◆ **WORK TASK**
Please go line by line and repeat the data below exactly, with no images.

Source records:
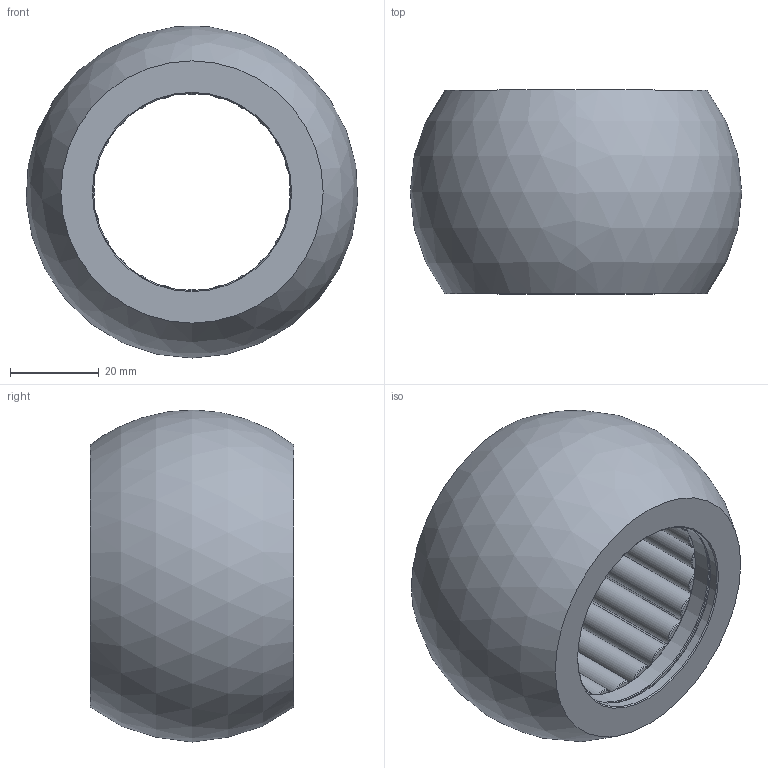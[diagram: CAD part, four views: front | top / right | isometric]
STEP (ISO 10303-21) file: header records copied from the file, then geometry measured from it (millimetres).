
FILE_DESCRIPTION(('STEP AP214'),'1');
FILE_NAME('C:/Projets/Serie 15.xx.xx/15.xx.44.step','2011-11-14T14:43:21',(' '),(' '),'Spatial InterOp 3D',' ',' ');
FILE_SCHEMA(('automotive_design'));
Length unit declared in the file: metre
Products named in the file (28): frette; rotule; @7679; @7684
Bounding box: 74.89 x 46 x 75 mm (x, y, z)
Volume: 95719.4 mm3; surface area: 60558.3 mm2
Topology: 28 solids, 28 shells, 350 faces, 662 edges, 420 vertices
Faces by surface type: cylinder 131, cone 110, plane 108, sphere 1
Full cylindrical faces by diameter (mm): 2.8 x48, 3.5 x48, 6 x24, 44.5 x2, 44.9 x2, 55.1 x2, 56 x3, 61 x2
Entity records: 10673 total; most frequent: DIRECTION 1504, CARTESIAN_POINT 1126, AXIS2_PLACEMENT_3D 752, EDGE_LOOP 748, ORIENTED_EDGE 748, FACE_OUTER_BOUND 482, EDGE_CURVE 374, VERTEX_POINT 374

◆ **SOLUTION FOR THIS TASK**
[diagram: CAD part, four views: front | top / right | isometric]
STEP (ISO 10303-21) file: header records copied from the file, then geometry measured from it (millimetres).
FILE_DESCRIPTION(('STEP AP214'),'1');
FILE_NAME('C:/Projets/Serie 15.xx.xx/15.xx.44.step','2011-11-14T14:43:21',(' '),(' '),'Spatial InterOp 3D',' ',' ');
FILE_SCHEMA(('automotive_design'));
Length unit declared in the file: metre
Products named in the file (28): frette; rotule; @7679; @7684
Bounding box: 74.89 x 46 x 75 mm (x, y, z)
Volume: 95719.4 mm3; surface area: 60558.3 mm2
Topology: 28 solids, 28 shells, 350 faces, 662 edges, 420 vertices
Faces by surface type: cylinder 131, cone 110, plane 108, sphere 1
Full cylindrical faces by diameter (mm): 2.8 x48, 3.5 x48, 6 x24, 44.5 x2, 44.9 x2, 55.1 x2, 56 x3, 61 x2
Entity records: 10673 total; most frequent: DIRECTION 1504, CARTESIAN_POINT 1126, AXIS2_PLACEMENT_3D 752, EDGE_LOOP 748, ORIENTED_EDGE 748, FACE_OUTER_BOUND 482, EDGE_CURVE 374, VERTEX_POINT 374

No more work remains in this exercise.